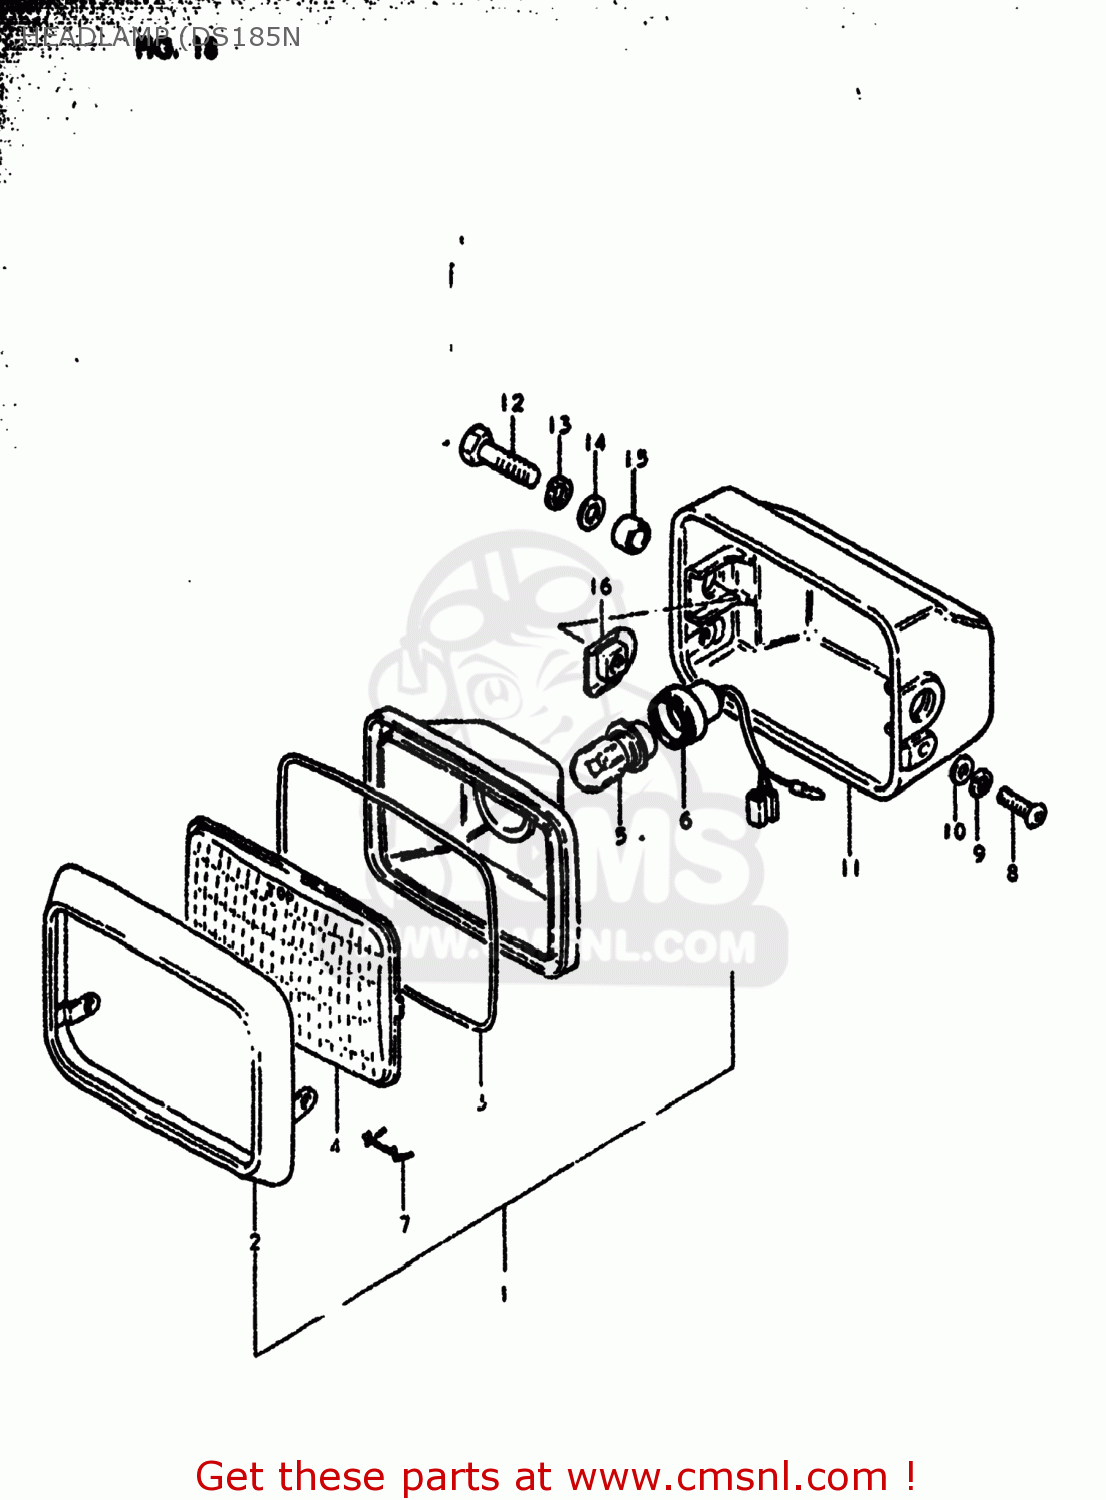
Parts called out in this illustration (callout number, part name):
1	LAMP ASSEMBLY,HEAD
2	RIM,HEADLAMP
3	GASKET,HEADLAMP LENS (NAS)
4	LENS,HEADLAMP (PLASTIC)
5	BULB(6V15/15W/STANLEY,A3598HA)
6	SOCKET,BULB
7	SPRING,HEADLAMP UNIT
8	SCREW
9	LOCK WASHER
10	WASHER
11	HOUSING,HEADLAMP
12	BOLT
13	LOCK WASHER
14	WASHER
15	SPACER (8.8X12X7)
16	PLATE,HEADLAMP HOUSING
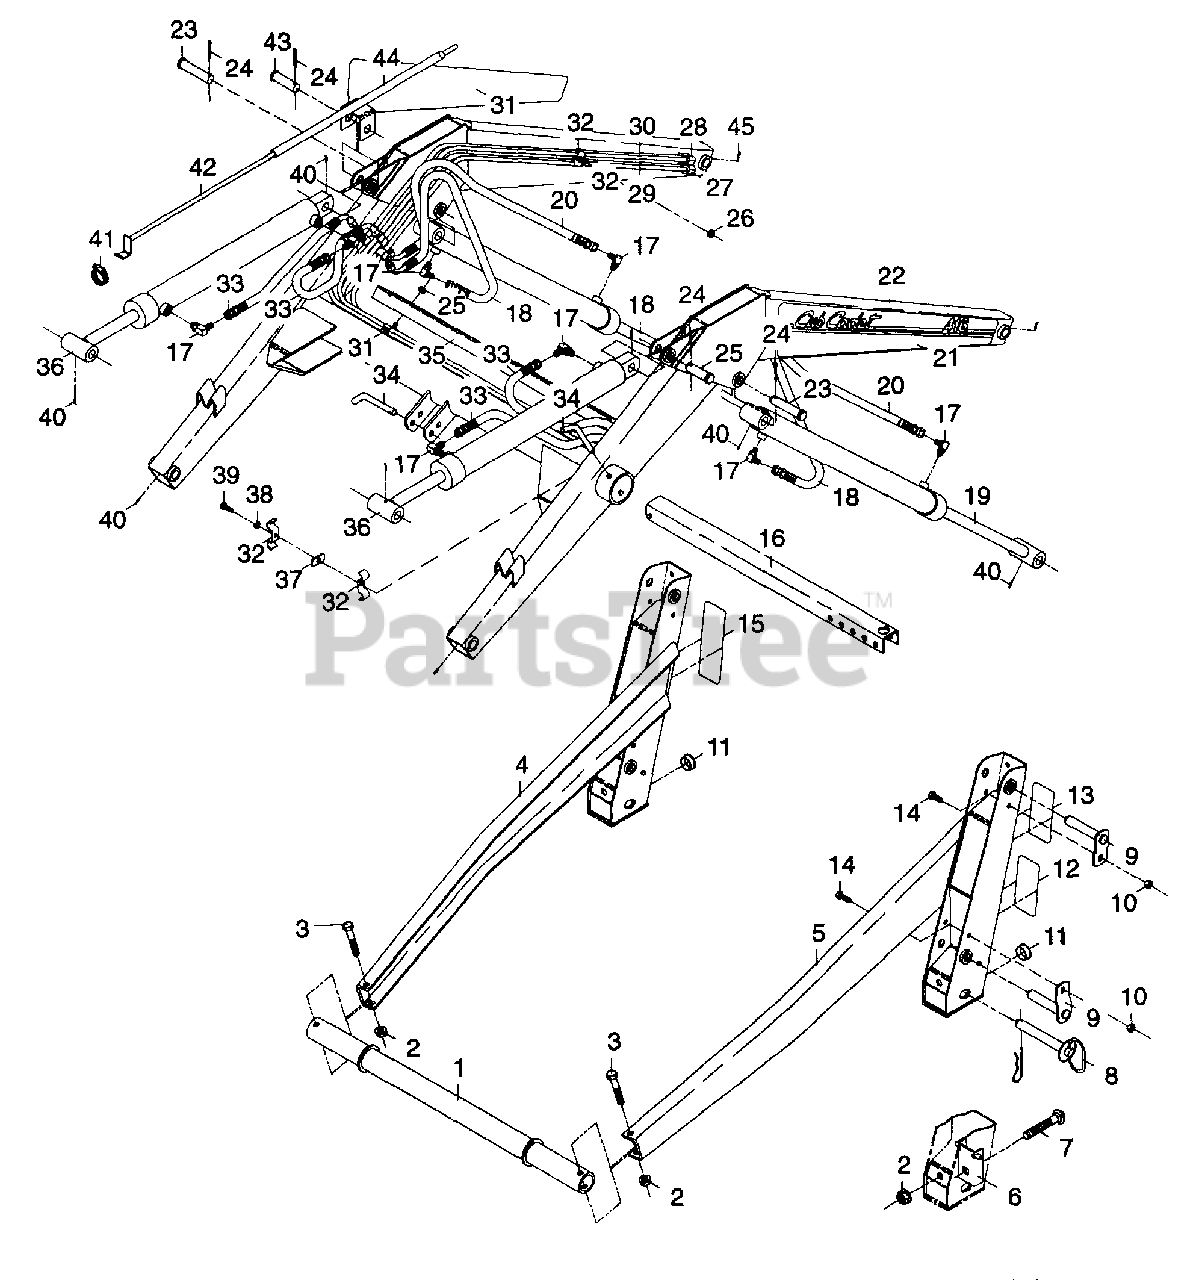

==*==

Activity — Would you provide an exact, picture-free copy of the data above?

Response to this task —
Parts called out in this illustration (callout number, part name):
1	LAMP ASSEMBLY,HEAD
2	RIM,HEADLAMP
3	GASKET,HEADLAMP LENS (NAS)
4	LENS,HEADLAMP (PLASTIC)
5	BULB(6V15/15W/STANLEY,A3598HA)
6	SOCKET,BULB
7	SPRING,HEADLAMP UNIT
8	SCREW
9	LOCK WASHER
10	WASHER
11	HOUSING,HEADLAMP
12	BOLT
13	LOCK WASHER
14	WASHER
15	SPACER (8.8X12X7)
16	PLATE,HEADLAMP HOUSING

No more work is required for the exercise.